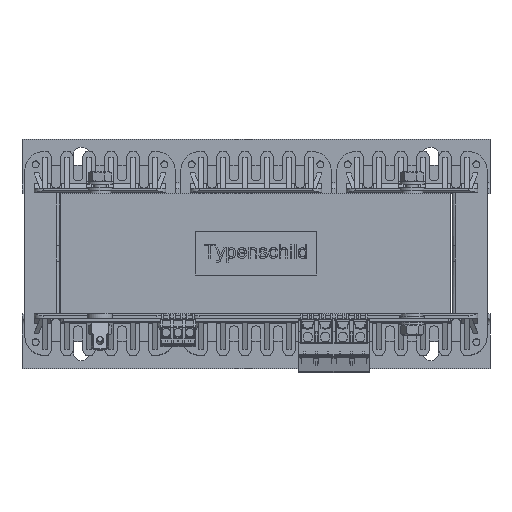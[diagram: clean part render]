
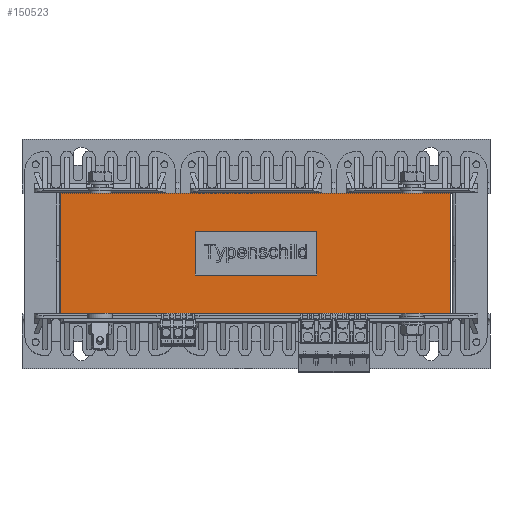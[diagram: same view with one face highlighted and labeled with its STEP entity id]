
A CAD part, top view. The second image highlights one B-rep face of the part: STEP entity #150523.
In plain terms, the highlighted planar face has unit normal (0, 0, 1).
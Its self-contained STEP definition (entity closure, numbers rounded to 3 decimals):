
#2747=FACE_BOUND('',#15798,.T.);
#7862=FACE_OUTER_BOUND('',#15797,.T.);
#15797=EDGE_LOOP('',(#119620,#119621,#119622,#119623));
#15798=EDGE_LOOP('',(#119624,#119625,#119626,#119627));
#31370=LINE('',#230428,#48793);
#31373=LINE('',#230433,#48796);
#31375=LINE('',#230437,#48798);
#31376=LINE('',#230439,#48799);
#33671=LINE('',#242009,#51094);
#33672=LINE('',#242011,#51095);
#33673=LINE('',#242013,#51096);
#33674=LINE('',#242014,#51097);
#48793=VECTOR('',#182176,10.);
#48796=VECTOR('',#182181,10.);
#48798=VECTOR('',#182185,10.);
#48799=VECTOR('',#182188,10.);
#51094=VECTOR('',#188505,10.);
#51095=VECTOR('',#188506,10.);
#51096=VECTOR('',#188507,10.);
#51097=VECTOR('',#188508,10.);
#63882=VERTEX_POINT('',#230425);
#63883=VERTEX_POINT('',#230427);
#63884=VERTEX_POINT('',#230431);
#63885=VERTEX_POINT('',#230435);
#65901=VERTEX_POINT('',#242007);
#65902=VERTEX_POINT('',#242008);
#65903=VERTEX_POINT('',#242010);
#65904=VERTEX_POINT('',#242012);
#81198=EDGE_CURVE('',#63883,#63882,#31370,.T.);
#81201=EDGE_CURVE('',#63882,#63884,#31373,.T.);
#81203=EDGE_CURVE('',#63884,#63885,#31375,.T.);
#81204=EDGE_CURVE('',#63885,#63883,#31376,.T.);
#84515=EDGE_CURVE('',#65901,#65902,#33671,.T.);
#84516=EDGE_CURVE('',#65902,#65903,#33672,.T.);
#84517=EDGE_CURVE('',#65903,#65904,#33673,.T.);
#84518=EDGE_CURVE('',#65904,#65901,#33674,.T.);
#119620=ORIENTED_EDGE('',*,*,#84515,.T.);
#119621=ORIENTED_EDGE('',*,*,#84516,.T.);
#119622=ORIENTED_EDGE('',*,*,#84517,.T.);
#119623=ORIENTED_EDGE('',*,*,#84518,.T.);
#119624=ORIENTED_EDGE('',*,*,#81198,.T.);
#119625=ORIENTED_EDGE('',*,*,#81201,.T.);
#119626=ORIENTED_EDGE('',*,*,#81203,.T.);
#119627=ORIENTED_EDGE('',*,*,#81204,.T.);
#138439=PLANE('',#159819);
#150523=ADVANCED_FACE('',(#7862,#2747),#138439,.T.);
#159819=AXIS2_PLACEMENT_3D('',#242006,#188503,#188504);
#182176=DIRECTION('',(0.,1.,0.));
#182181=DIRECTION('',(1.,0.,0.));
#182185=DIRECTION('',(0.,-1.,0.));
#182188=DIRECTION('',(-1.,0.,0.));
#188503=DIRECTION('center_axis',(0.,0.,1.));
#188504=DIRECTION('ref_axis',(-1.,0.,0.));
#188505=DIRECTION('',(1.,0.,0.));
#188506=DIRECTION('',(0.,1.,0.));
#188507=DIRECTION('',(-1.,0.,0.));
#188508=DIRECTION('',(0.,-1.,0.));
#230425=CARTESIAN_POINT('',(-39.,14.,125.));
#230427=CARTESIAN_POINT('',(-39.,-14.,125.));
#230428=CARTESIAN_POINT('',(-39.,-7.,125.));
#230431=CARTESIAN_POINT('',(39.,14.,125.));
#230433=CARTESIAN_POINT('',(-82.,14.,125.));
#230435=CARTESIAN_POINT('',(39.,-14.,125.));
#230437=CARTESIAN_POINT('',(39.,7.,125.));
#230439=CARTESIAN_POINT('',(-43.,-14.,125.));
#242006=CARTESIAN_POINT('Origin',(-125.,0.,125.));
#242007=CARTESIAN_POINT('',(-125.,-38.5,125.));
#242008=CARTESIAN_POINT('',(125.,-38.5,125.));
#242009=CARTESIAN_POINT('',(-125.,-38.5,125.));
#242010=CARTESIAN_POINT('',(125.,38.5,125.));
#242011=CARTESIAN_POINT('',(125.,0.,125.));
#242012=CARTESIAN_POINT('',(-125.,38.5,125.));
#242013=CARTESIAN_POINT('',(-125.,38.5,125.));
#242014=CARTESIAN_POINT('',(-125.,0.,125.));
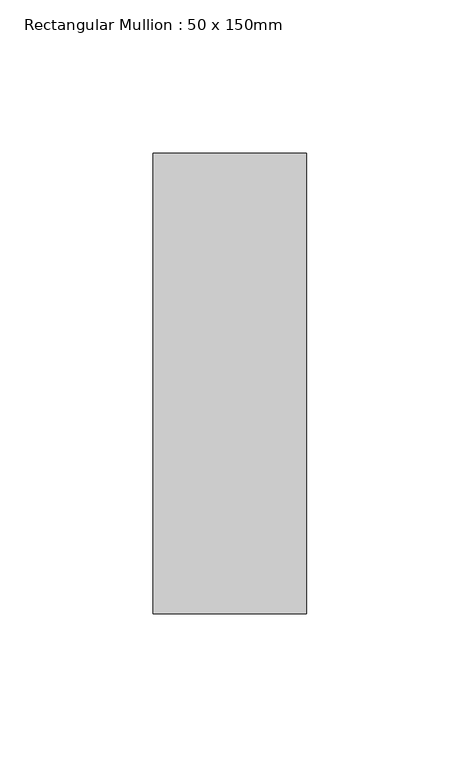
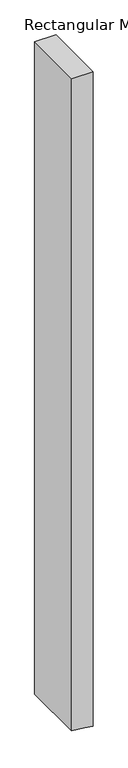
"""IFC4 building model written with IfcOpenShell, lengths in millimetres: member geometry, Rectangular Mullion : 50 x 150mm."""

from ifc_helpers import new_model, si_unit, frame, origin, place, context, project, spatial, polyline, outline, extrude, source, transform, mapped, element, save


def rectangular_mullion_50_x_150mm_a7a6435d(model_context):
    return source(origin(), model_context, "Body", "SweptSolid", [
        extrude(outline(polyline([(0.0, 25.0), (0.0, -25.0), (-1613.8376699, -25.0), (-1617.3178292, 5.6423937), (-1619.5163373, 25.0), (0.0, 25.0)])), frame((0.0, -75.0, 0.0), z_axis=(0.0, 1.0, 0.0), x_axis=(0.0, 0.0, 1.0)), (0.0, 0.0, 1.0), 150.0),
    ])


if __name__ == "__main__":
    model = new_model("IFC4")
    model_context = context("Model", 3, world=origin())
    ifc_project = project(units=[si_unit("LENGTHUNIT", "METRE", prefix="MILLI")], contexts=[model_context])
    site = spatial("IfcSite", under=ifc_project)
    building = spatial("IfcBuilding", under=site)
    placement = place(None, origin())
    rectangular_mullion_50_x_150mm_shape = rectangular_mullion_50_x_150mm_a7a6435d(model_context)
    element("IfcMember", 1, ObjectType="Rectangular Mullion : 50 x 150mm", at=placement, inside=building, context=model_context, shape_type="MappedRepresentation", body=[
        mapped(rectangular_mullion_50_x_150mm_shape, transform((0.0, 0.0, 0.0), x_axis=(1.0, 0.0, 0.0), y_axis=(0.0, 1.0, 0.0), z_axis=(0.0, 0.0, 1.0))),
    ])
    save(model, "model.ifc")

________________

*WHAT TO DO:*
Repeat the material above precisely as it appears, omitting the images it contains.

*ANSWER BOX:*
[diagram: clean part render]
[diagram: same view with one face highlighted and labeled with its STEP entity id]
A CAD part, top view. The second image highlights one B-rep face of the part: STEP entity #150523.
In plain terms, the highlighted planar face has unit normal (0, 0, 1).
Its self-contained STEP definition (entity closure, numbers rounded to 3 decimals):
#2747=FACE_BOUND('',#15798,.T.);
#7862=FACE_OUTER_BOUND('',#15797,.T.);
#15797=EDGE_LOOP('',(#119620,#119621,#119622,#119623));
#15798=EDGE_LOOP('',(#119624,#119625,#119626,#119627));
#31370=LINE('',#230428,#48793);
#31373=LINE('',#230433,#48796);
#31375=LINE('',#230437,#48798);
#31376=LINE('',#230439,#48799);
#33671=LINE('',#242009,#51094);
#33672=LINE('',#242011,#51095);
#33673=LINE('',#242013,#51096);
#33674=LINE('',#242014,#51097);
#48793=VECTOR('',#182176,10.);
#48796=VECTOR('',#182181,10.);
#48798=VECTOR('',#182185,10.);
#48799=VECTOR('',#182188,10.);
#51094=VECTOR('',#188505,10.);
#51095=VECTOR('',#188506,10.);
#51096=VECTOR('',#188507,10.);
#51097=VECTOR('',#188508,10.);
#63882=VERTEX_POINT('',#230425);
#63883=VERTEX_POINT('',#230427);
#63884=VERTEX_POINT('',#230431);
#63885=VERTEX_POINT('',#230435);
#65901=VERTEX_POINT('',#242007);
#65902=VERTEX_POINT('',#242008);
#65903=VERTEX_POINT('',#242010);
#65904=VERTEX_POINT('',#242012);
#81198=EDGE_CURVE('',#63883,#63882,#31370,.T.);
#81201=EDGE_CURVE('',#63882,#63884,#31373,.T.);
#81203=EDGE_CURVE('',#63884,#63885,#31375,.T.);
#81204=EDGE_CURVE('',#63885,#63883,#31376,.T.);
#84515=EDGE_CURVE('',#65901,#65902,#33671,.T.);
#84516=EDGE_CURVE('',#65902,#65903,#33672,.T.);
#84517=EDGE_CURVE('',#65903,#65904,#33673,.T.);
#84518=EDGE_CURVE('',#65904,#65901,#33674,.T.);
#119620=ORIENTED_EDGE('',*,*,#84515,.T.);
#119621=ORIENTED_EDGE('',*,*,#84516,.T.);
#119622=ORIENTED_EDGE('',*,*,#84517,.T.);
#119623=ORIENTED_EDGE('',*,*,#84518,.T.);
#119624=ORIENTED_EDGE('',*,*,#81198,.T.);
#119625=ORIENTED_EDGE('',*,*,#81201,.T.);
#119626=ORIENTED_EDGE('',*,*,#81203,.T.);
#119627=ORIENTED_EDGE('',*,*,#81204,.T.);
#138439=PLANE('',#159819);
#150523=ADVANCED_FACE('',(#7862,#2747),#138439,.T.);
#159819=AXIS2_PLACEMENT_3D('',#242006,#188503,#188504);
#182176=DIRECTION('',(0.,1.,0.));
#182181=DIRECTION('',(1.,0.,0.));
#182185=DIRECTION('',(0.,-1.,0.));
#182188=DIRECTION('',(-1.,0.,0.));
#188503=DIRECTION('center_axis',(0.,0.,1.));
#188504=DIRECTION('ref_axis',(-1.,0.,0.));
#188505=DIRECTION('',(1.,0.,0.));
#188506=DIRECTION('',(0.,1.,0.));
#188507=DIRECTION('',(-1.,0.,0.));
#188508=DIRECTION('',(0.,-1.,0.));
#230425=CARTESIAN_POINT('',(-39.,14.,125.));
#230427=CARTESIAN_POINT('',(-39.,-14.,125.));
#230428=CARTESIAN_POINT('',(-39.,-7.,125.));
#230431=CARTESIAN_POINT('',(39.,14.,125.));
#230433=CARTESIAN_POINT('',(-82.,14.,125.));
#230435=CARTESIAN_POINT('',(39.,-14.,125.));
#230437=CARTESIAN_POINT('',(39.,7.,125.));
#230439=CARTESIAN_POINT('',(-43.,-14.,125.));
#242006=CARTESIAN_POINT('Origin',(-125.,0.,125.));
#242007=CARTESIAN_POINT('',(-125.,-38.5,125.));
#242008=CARTESIAN_POINT('',(125.,-38.5,125.));
#242009=CARTESIAN_POINT('',(-125.,-38.5,125.));
#242010=CARTESIAN_POINT('',(125.,38.5,125.));
#242011=CARTESIAN_POINT('',(125.,0.,125.));
#242012=CARTESIAN_POINT('',(-125.,38.5,125.));
#242013=CARTESIAN_POINT('',(-125.,38.5,125.));
#242014=CARTESIAN_POINT('',(-125.,0.,125.));
"""IFC4 building model written with IfcOpenShell, lengths in millimetres: member geometry, Rectangular Mullion : 50 x 150mm."""

from ifc_helpers import new_model, si_unit, frame, origin, place, context, project, spatial, polyline, outline, extrude, source, transform, mapped, element, save


def rectangular_mullion_50_x_150mm_a7a6435d(model_context):
    return source(origin(), model_context, "Body", "SweptSolid", [
        extrude(outline(polyline([(0.0, 25.0), (0.0, -25.0), (-1613.8376699, -25.0), (-1617.3178292, 5.6423937), (-1619.5163373, 25.0), (0.0, 25.0)])), frame((0.0, -75.0, 0.0), z_axis=(0.0, 1.0, 0.0), x_axis=(0.0, 0.0, 1.0)), (0.0, 0.0, 1.0), 150.0),
    ])


if __name__ == "__main__":
    model = new_model("IFC4")
    model_context = context("Model", 3, world=origin())
    ifc_project = project(units=[si_unit("LENGTHUNIT", "METRE", prefix="MILLI")], contexts=[model_context])
    site = spatial("IfcSite", under=ifc_project)
    building = spatial("IfcBuilding", under=site)
    placement = place(None, origin())
    rectangular_mullion_50_x_150mm_shape = rectangular_mullion_50_x_150mm_a7a6435d(model_context)
    element("IfcMember", 1, ObjectType="Rectangular Mullion : 50 x 150mm", at=placement, inside=building, context=model_context, shape_type="MappedRepresentation", body=[
        mapped(rectangular_mullion_50_x_150mm_shape, transform((0.0, 0.0, 0.0), x_axis=(1.0, 0.0, 0.0), y_axis=(0.0, 1.0, 0.0), z_axis=(0.0, 0.0, 1.0))),
    ])
    save(model, "model.ifc")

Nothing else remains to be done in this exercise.